A bit later in the afternoon, he met the woman again. She’d not been there for the initial bull session, and he’d been too curious to inquire, but now that she’d come in from wherever she’d been, he had the feeling she was avoiding direct contact. He dismissed that as crazy and went over to her.
“Hi! I finally get the chance to say thanks for saving my life,” he said cheerfully, sitting down in a chair opposite hers. “How’s that for a good opening line?”
She smiled, but there seemed to be a lot of thinking going on behind those dark eyes. She seemed much younger than he’d remembered her, but, then, he’d been drugged and the light had been poor, and Alfie had a different perspective of what old meant. She sighed, and seemed to decide whatever it was that was troubling her, or at least she put it off for a time. “I’m sorry for not being a little more hospitable,” she responded. “I’m afraid I’ve got a load on my mind and a lot of hard decisions to make. I’ve just had a nasty personal shock.”
“Try being crucified,” he suggested, surprised he could make light of it so soon.
“I have. It’s not very nice. Not much has been nice lately.”
He shrugged, a bit disconcerted by the answer, and made as if to leave. “I don’t want to intrude on what’s none of my business.”
“No, no. Stay, please. I’m still a little new at this myself, and it’s pretty hard to get used to. As soon as you think you’ve found out everything, you find you don’t understand anything at all. This whole business of time is the craziest thing you can think of. Just think of this, for starters—neither of us is a real person.”
“Huh? We both look pretty solid to me.”
“Maybe. But we’re nightsiders. We have no existence outside of this base, outside of the Safe Zone—the time before people. Neither of us has a home to go to anymore.”
He considered that a moment. “I imagine I still do—if I could ever get back to my own time.”
She shook her head. “They haven’t told you yet. Go ask Doc or Herb. I think I understand it, but they’ll explain it better than me.”
He excused himself and found Herb, who told him. Karl Marx had now been killed in 1841, at twenty-three years of age, before he’d even formed any of his ideas, let alone committed them to paper. Thus, the potential theoretician of the Communist movement had also been killed. Without him, competing theories dominated, particularly Bakunism, which is essentially anarchy. The theories of the left remained classical rather than radical. Because there was no Marx, there was no Marxism to inspire Lenin and Trotsky. Instead, they drifted into the more radical anarchy of Bakunin, and went nowhere. Because there was no Lenin and Trotsky there to take firm control, the Russians, when they overthrew the Czar, remained a weak social democracy.

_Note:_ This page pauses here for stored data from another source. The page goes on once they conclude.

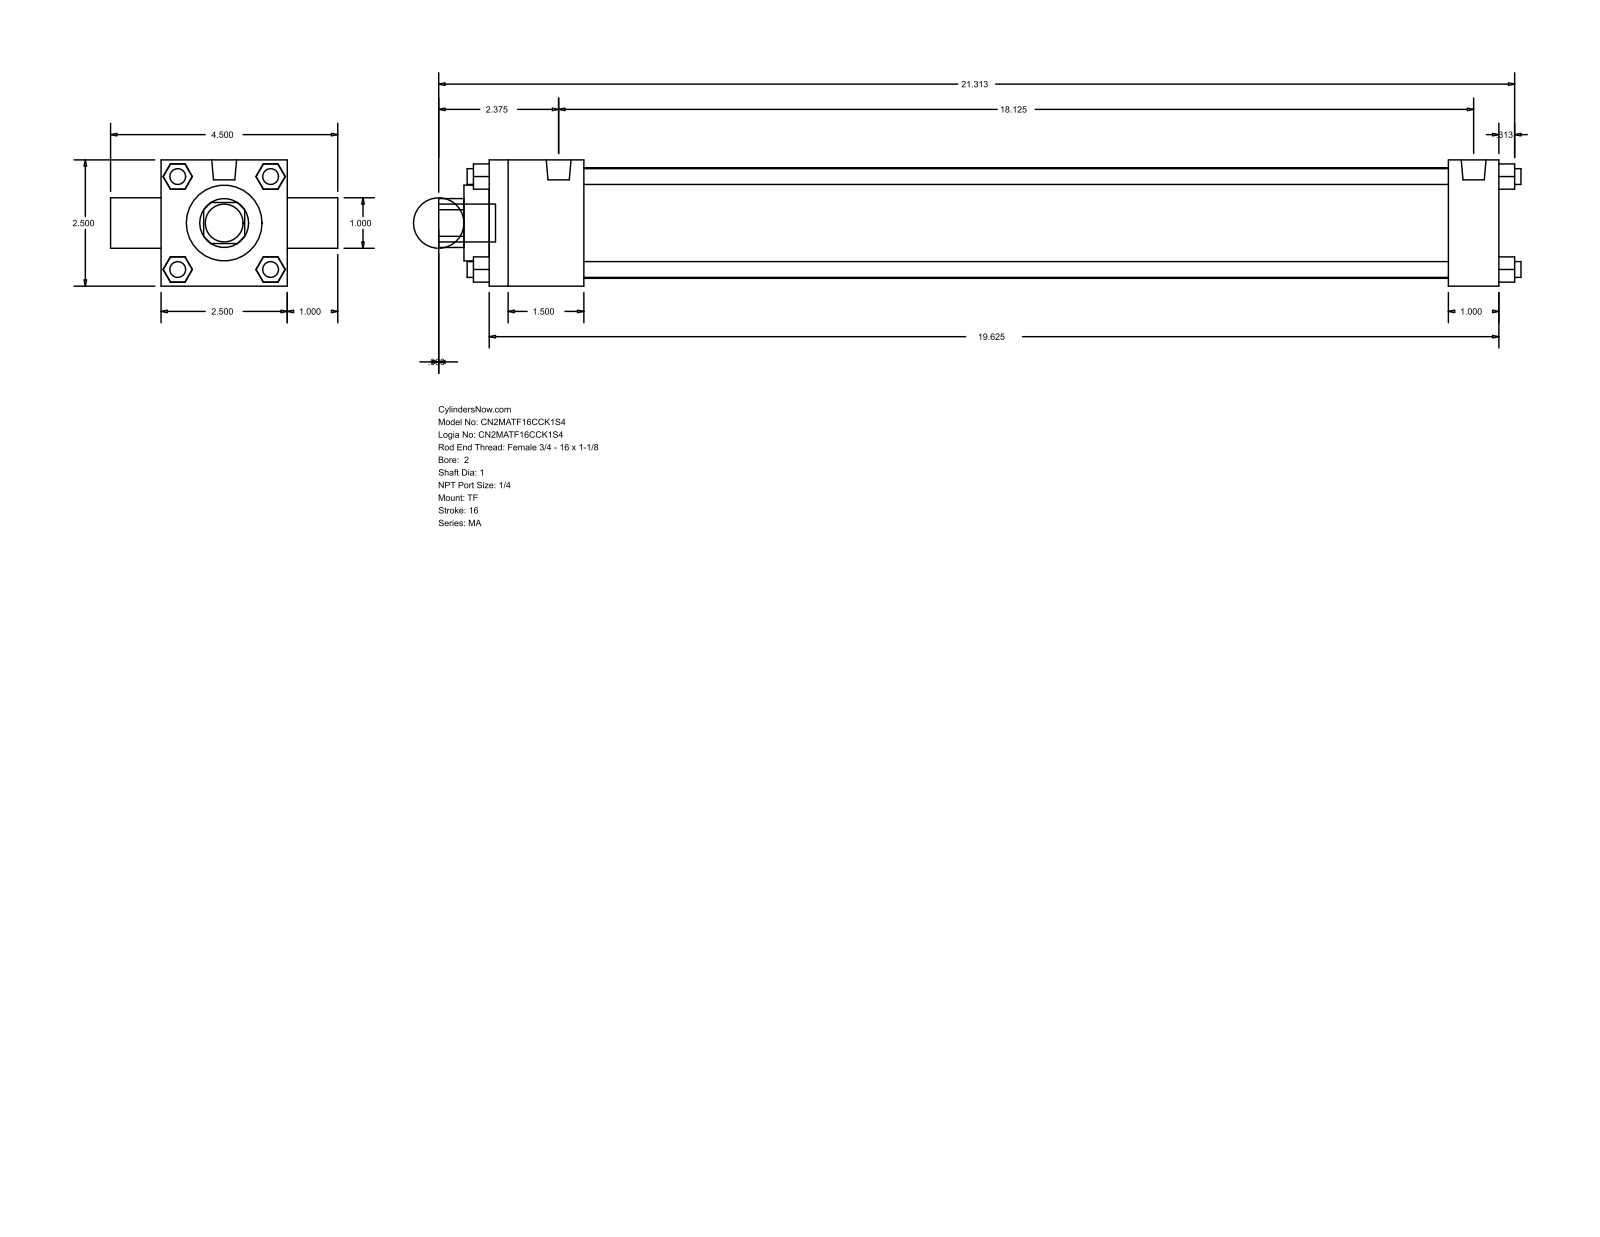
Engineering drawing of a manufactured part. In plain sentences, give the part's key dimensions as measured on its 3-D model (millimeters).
The part is named "MA_TF__0200_1". Its 3-D file was written by "GSSL Pune (CONFIG_CONTROL_DESIGN)". It is 0 solids with 120 faces: 92 planar, 28 cylindrical and 0 other. Overall it measures 544.51 by 114.3 by 63.5 millimeters. Round holes: 2 of diameter 25.4, 1 of diameter 38.1, 1 of diameter 55.63. Round bosses or shafts: 7 of diameter 7.94, 2 of diameter 12.49, 1 of diameter 19.05. Partial cylindrical surfaces (rounded edges, fillets, slot ends): 1 of radius 12.29. The main face-to-face distances are 63.5, 25.4, 508, 12.7, 47.63, 482.6, 434.97, 460.37, 88.9, 40.47.
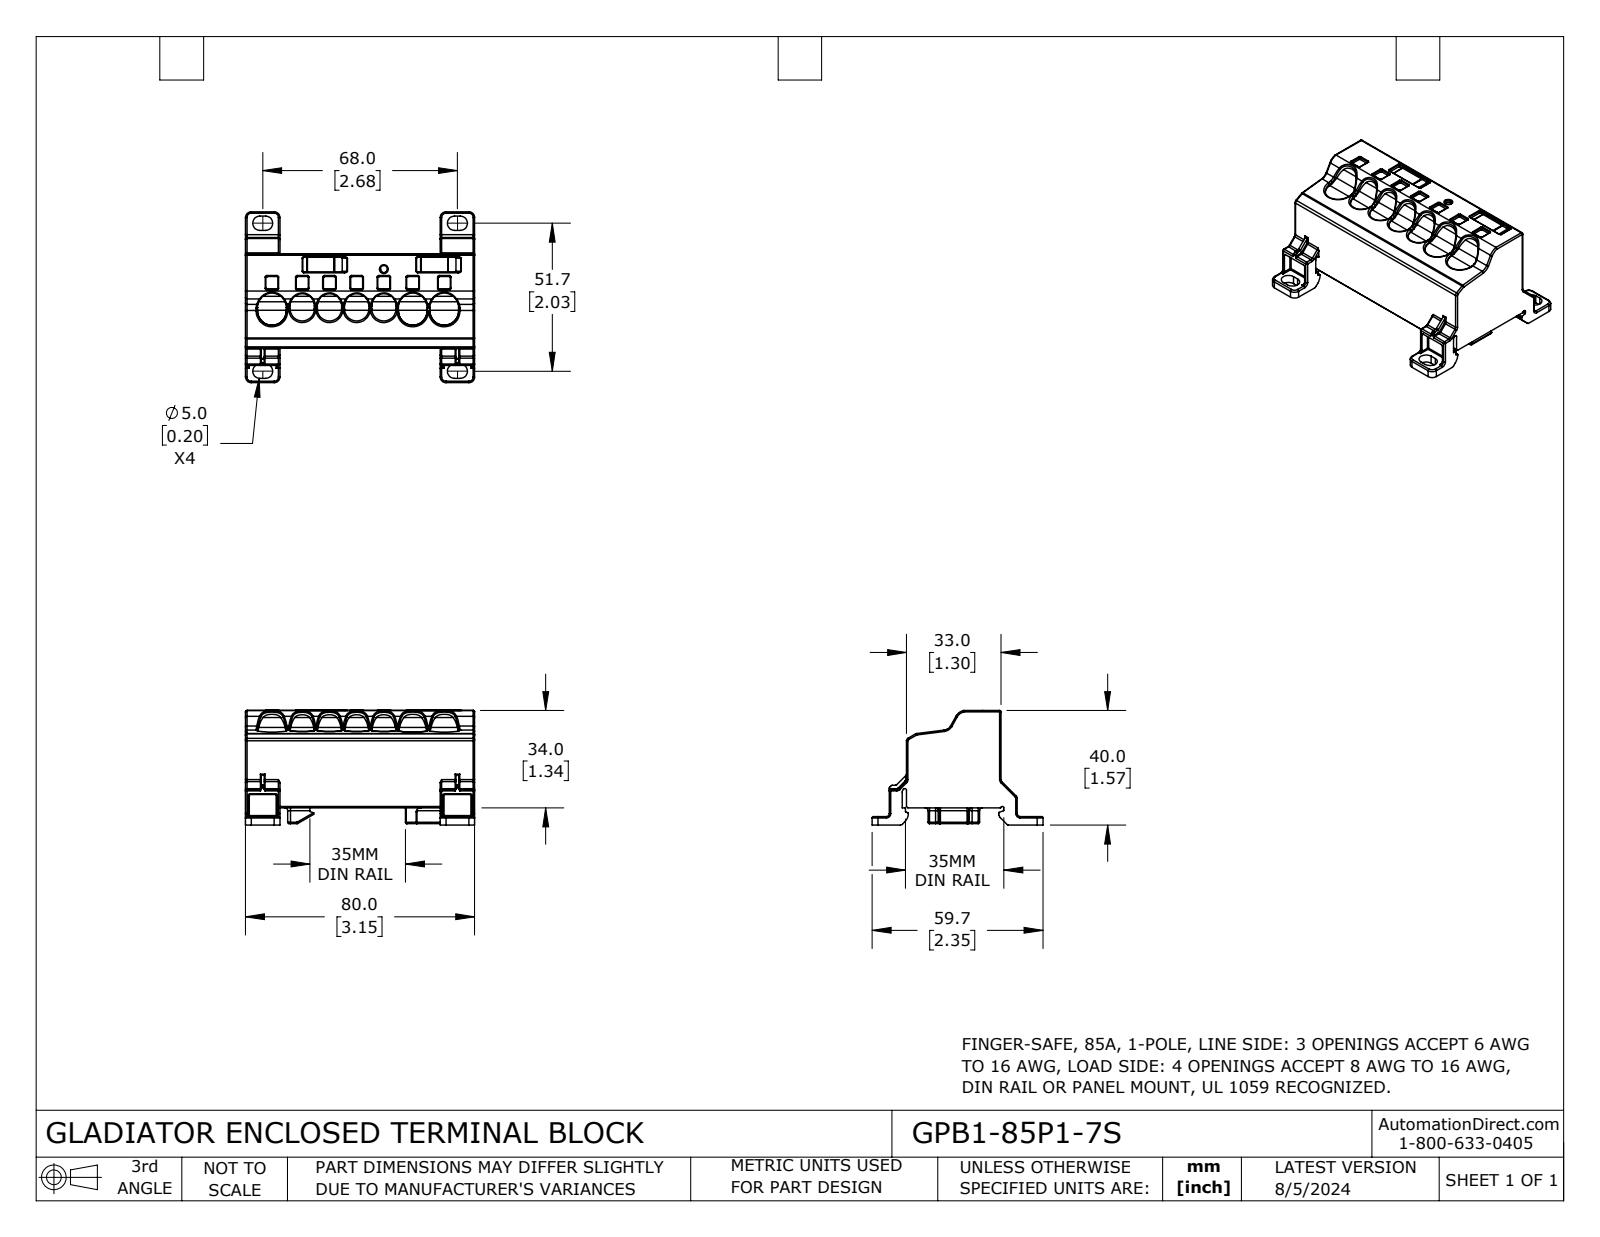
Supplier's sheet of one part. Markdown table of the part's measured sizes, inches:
| quantity | value |
| --- | --- |
| part name | GPB1-85P1-7S |
| STEP written by | SolidWorks 2023 (CONFIG_CONTROL_DESIGN) |
| units | inches |
| bodies | 1 solid, 752 faces (218 planar, 338 cylindrical, 196 other) |
| overall size | 3.15 × 2.349 × 1.575 |
| volume | 5.148 in³ |
| surface area | 25.63 in² |
| round holes (diameter × count) | 0.098 × 1 |
| round bosses / shafts (diameter × count) | 0.197 × 1 |
| partial cylindrical surfaces (radius × count) | 0.02 × 82, 0.012 × 59, 0.01 × 20, 0.039 × 20, 0.008 × 12, 0.079 × 9, 0.098 × 8, 0.167 × 8 |
| main face-to-face distances | 1.299, 3.15, 1.339, 0.118, 0.039, 0.236, 1.575, 0.472, 2.677, 1.417 |
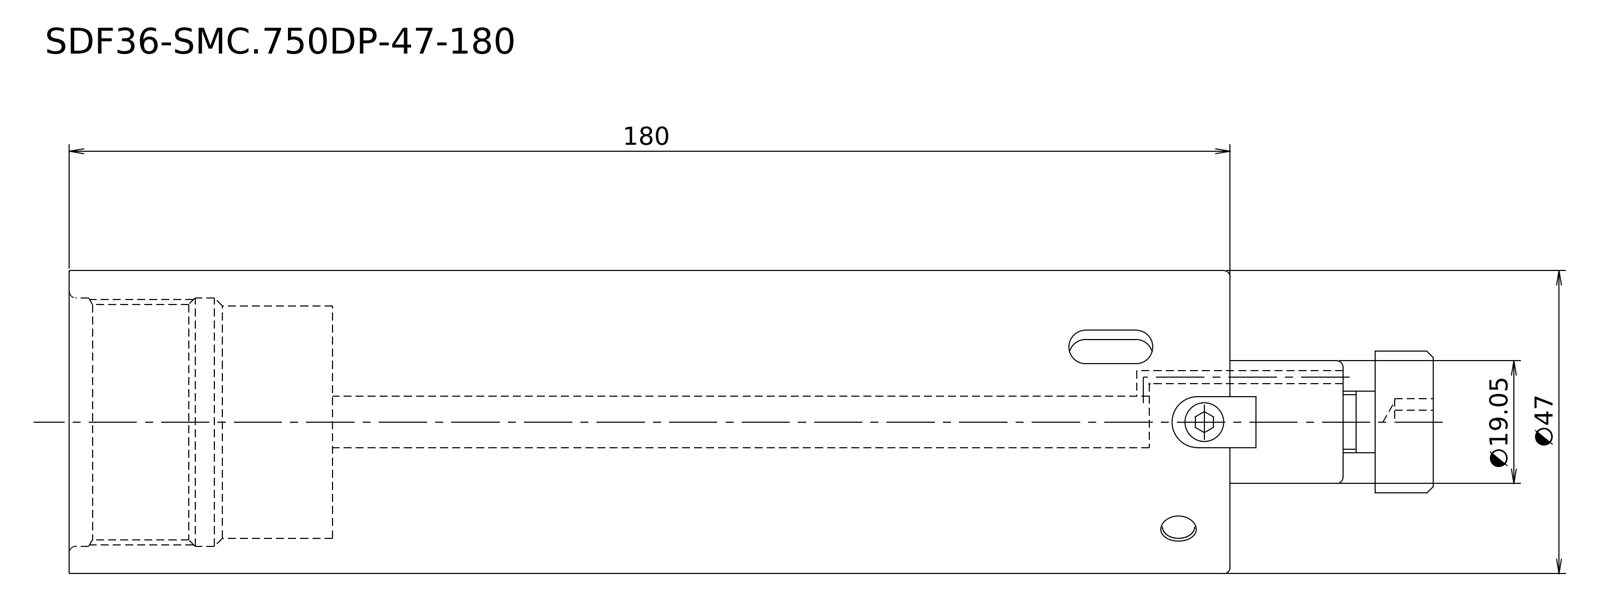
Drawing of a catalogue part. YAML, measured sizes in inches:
step_written_by: "Kubotek KeyCreator 2011 V10.0.2 (22737) (automotive_design)"
units: inches
bodies: {solids: 1, faces: 5, planar: 3, cylindrical: 2, other: 0}
overall_size: [7.776, 1.85, 1.85]
volume: 19.36
surface_area: 48.2
round_bosses_or_shafts:
  - {diameter: 1.85, count: 1}
  - {diameter: 0.75, count: 1}
face_to_face_distances: [7.087, 0.689, 7.776]

“Because it was a weak democracy dominated by liberal nobles, it did little to really better or modernize the Russian nation,” Herb continued. “Stalin did not rise to power and ruthlessly modernize, mobilize, and arm the nation, building it into a twentieth-century country. There was also an independent Ukraine, so Russia did not have control of its breadbasket or a firm buffer. But Germany still lost World War I, and Hitler still rose to power, only this time there was no strong Soviet state under a firm leader to hold on.” Moosic was reminded that on his own time line Russia nearly lost the war to Germany again: Now it had lost, allowing Germany to put its full might into North Africa and against England. “With the collapse of England,” Herb informed him, “America turned its full attention to the Japanese.”
He blanched. “You mean—because Joseph Stalin didn’t come to power, the U.S. lost World War II?”